▸ EXERCISE DESCRIPTION: Within the entries below, find the portion that opens with the line containing "#151030 = CARTESIAN_POINT" and closes with the line containing "#185180 = CARTESIAN_POINT". Retype that portion exactly and only.

*** Opening GIVEN ENTRIES ***

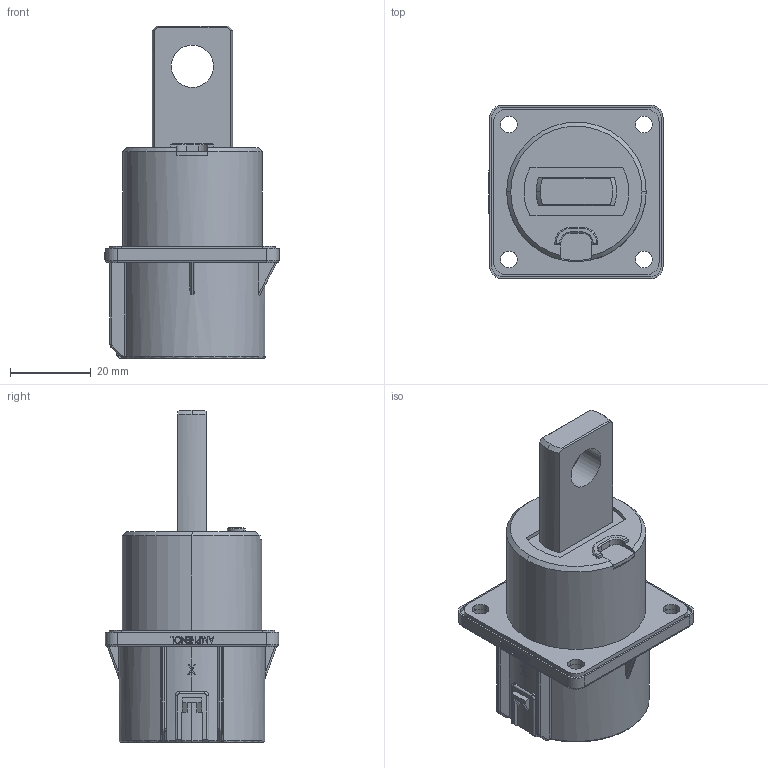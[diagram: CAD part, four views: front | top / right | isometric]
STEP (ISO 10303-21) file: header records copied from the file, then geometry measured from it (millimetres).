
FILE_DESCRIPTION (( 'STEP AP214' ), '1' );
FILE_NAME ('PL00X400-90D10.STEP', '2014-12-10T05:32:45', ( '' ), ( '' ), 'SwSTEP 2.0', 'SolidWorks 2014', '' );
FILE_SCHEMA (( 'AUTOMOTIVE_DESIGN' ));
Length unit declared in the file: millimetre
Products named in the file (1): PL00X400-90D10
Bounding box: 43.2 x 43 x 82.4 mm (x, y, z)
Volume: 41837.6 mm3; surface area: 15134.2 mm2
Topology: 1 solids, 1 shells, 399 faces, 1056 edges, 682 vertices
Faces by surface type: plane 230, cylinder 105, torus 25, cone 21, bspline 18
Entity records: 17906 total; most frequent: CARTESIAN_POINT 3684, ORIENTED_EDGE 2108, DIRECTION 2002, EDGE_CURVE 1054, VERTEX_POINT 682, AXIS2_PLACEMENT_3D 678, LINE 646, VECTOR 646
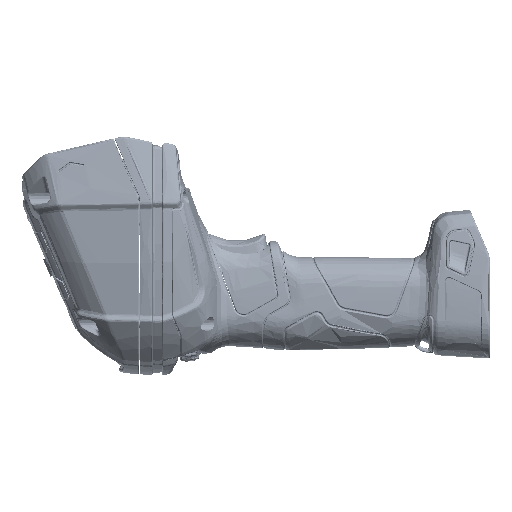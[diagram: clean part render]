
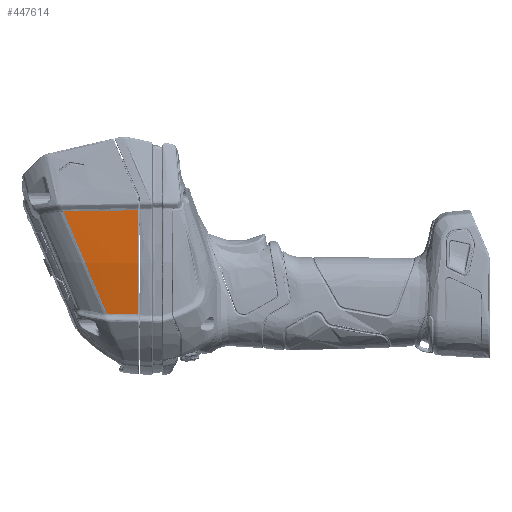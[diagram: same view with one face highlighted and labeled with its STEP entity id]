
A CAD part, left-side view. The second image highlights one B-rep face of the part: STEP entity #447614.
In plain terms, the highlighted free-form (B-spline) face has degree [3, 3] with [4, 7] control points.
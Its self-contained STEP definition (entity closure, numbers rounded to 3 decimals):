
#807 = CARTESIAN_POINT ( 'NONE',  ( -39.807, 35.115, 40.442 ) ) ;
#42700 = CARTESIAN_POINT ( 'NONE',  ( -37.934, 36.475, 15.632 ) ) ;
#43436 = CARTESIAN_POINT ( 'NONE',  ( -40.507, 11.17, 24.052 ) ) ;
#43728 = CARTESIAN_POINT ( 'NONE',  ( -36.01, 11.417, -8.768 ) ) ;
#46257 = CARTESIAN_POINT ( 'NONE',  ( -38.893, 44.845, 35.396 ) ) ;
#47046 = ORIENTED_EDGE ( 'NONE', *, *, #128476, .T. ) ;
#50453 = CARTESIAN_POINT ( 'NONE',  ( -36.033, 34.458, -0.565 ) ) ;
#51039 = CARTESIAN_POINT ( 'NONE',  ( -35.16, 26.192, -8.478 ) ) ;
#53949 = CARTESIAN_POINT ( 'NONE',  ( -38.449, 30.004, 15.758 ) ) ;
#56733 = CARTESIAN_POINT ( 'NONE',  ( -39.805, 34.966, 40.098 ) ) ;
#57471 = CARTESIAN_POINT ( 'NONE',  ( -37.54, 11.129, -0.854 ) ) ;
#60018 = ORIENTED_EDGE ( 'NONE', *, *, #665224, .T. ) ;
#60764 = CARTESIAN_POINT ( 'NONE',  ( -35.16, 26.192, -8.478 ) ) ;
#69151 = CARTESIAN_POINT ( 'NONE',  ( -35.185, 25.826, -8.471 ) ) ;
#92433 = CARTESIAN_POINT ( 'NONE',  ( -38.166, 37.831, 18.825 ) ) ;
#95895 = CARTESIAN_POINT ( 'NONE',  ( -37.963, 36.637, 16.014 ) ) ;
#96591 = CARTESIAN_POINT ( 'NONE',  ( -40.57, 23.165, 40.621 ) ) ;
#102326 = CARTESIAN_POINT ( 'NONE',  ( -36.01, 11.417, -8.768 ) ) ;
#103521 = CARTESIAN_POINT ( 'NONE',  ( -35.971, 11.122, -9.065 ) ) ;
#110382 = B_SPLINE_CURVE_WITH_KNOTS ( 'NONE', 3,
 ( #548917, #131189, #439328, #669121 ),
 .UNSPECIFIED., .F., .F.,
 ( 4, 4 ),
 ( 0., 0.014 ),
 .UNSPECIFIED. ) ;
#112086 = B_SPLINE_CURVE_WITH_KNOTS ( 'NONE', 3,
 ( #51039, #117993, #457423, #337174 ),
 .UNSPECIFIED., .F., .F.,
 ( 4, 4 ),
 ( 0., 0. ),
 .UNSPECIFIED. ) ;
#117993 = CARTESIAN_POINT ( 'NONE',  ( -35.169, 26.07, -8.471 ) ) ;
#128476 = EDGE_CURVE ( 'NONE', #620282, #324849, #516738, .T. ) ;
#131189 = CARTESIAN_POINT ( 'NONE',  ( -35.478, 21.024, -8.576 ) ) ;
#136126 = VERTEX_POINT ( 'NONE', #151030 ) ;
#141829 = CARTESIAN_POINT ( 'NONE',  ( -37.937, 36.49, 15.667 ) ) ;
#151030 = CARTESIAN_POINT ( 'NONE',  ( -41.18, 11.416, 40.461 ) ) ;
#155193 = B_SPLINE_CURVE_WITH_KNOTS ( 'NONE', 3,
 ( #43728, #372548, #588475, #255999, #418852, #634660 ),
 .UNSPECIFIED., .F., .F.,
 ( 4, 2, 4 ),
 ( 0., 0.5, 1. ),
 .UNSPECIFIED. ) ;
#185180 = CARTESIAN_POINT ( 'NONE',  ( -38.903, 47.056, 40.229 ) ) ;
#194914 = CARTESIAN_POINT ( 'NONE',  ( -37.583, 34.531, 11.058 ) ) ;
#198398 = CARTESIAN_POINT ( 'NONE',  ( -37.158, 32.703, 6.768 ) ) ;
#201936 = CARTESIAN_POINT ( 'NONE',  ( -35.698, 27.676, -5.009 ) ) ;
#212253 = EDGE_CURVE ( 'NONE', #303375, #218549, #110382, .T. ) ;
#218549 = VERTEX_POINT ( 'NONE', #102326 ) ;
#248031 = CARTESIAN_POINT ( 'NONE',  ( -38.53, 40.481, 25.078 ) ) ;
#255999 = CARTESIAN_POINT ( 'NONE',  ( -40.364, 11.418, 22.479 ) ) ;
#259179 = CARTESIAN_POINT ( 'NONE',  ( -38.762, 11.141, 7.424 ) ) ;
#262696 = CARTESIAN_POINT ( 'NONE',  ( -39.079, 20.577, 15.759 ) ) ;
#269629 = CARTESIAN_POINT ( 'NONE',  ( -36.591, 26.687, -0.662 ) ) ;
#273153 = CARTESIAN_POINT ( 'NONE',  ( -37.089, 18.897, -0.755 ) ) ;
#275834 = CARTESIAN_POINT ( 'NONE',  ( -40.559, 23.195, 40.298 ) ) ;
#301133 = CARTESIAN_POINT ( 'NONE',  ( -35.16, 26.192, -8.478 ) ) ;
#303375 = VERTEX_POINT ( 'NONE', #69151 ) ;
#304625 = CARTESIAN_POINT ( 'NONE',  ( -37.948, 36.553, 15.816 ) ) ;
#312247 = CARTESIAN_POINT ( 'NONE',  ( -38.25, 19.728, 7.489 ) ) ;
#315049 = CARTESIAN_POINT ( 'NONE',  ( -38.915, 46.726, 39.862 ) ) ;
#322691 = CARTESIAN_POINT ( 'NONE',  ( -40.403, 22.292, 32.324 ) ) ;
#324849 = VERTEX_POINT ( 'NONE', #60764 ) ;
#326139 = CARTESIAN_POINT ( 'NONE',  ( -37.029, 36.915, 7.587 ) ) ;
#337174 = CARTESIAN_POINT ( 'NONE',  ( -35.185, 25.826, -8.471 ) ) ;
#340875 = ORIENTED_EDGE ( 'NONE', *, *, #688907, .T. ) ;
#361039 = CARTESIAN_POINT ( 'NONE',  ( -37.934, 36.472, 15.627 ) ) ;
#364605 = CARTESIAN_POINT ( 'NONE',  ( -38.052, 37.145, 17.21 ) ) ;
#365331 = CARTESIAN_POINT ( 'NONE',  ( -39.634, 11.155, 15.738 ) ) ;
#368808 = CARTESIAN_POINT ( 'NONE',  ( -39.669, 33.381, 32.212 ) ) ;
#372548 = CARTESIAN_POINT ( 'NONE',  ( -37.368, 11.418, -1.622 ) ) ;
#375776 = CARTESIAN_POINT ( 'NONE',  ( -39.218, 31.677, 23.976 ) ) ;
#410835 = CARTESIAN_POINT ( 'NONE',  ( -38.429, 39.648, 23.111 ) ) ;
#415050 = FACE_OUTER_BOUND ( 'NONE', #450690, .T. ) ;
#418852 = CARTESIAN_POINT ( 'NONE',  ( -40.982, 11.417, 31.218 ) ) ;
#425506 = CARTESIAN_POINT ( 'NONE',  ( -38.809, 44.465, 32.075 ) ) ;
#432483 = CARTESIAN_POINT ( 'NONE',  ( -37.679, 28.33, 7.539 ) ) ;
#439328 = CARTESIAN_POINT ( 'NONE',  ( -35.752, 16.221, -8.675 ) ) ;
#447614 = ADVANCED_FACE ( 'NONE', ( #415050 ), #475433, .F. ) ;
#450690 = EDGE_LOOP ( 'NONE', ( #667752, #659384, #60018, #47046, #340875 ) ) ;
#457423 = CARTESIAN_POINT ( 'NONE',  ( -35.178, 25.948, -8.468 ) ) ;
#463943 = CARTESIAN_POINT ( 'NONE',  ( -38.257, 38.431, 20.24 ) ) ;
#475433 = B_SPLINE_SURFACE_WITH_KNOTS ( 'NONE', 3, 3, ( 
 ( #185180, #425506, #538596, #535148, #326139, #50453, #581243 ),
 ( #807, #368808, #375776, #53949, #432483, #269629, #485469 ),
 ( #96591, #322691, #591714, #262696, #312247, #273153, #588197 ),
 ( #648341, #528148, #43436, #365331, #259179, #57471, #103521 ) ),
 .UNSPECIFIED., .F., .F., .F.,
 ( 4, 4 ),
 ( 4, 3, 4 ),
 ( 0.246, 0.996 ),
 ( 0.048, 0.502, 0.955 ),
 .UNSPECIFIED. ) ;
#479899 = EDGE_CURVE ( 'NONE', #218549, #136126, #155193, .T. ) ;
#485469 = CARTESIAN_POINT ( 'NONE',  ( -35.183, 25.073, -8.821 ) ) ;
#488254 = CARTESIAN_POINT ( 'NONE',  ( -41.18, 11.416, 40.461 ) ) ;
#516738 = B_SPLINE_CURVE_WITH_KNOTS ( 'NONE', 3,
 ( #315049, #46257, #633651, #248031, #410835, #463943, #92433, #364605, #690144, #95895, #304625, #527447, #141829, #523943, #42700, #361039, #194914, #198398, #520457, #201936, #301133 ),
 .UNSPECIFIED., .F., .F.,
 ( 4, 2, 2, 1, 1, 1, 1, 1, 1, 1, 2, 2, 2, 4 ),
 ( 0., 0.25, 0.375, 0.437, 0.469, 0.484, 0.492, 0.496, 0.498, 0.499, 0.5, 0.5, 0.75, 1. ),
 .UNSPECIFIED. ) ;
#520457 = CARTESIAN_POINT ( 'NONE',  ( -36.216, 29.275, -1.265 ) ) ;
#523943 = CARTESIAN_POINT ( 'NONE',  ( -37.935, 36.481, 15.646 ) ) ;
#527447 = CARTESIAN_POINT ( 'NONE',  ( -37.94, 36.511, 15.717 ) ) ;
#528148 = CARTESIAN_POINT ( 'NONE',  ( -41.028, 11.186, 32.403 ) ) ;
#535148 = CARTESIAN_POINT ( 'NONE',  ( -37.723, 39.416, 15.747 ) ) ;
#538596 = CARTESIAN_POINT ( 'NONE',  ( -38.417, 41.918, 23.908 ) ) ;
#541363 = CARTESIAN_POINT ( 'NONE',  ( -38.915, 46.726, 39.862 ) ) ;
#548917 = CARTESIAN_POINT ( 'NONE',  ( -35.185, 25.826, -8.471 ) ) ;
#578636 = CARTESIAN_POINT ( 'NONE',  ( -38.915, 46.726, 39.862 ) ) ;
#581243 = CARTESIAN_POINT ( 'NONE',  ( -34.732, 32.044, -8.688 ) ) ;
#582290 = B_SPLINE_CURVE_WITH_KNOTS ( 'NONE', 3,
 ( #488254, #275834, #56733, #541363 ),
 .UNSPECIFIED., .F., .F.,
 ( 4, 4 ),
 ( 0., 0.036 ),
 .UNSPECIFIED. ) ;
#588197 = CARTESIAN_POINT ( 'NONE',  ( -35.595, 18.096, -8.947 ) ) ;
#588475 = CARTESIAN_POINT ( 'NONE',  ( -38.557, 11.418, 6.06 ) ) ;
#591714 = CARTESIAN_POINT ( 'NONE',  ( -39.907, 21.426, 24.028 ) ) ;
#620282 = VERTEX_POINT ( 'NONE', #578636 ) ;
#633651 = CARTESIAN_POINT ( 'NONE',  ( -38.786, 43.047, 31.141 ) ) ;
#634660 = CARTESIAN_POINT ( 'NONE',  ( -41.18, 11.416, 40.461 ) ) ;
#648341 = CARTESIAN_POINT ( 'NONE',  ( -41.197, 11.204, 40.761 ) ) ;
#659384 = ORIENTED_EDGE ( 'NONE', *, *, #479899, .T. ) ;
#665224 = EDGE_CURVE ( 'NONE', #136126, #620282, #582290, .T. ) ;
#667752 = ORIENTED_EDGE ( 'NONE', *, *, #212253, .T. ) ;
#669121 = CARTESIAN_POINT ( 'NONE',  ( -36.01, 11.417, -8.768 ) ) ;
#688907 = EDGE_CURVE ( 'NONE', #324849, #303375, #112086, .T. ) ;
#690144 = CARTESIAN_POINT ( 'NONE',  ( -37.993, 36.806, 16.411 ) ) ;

*** Closing GIVEN ENTRIES ***

▸ PROBLEM SOLUTION:
#151030 = CARTESIAN_POINT ( 'NONE',  ( -41.18, 11.416, 40.461 ) ) ;
#155193 = B_SPLINE_CURVE_WITH_KNOTS ( 'NONE', 3,
 ( #43728, #372548, #588475, #255999, #418852, #634660 ),
 .UNSPECIFIED., .F., .F.,
 ( 4, 2, 4 ),
 ( 0., 0.5, 1. ),
 .UNSPECIFIED. ) ;
#185180 = CARTESIAN_POINT ( 'NONE',  ( -38.903, 47.056, 40.229 ) ) ;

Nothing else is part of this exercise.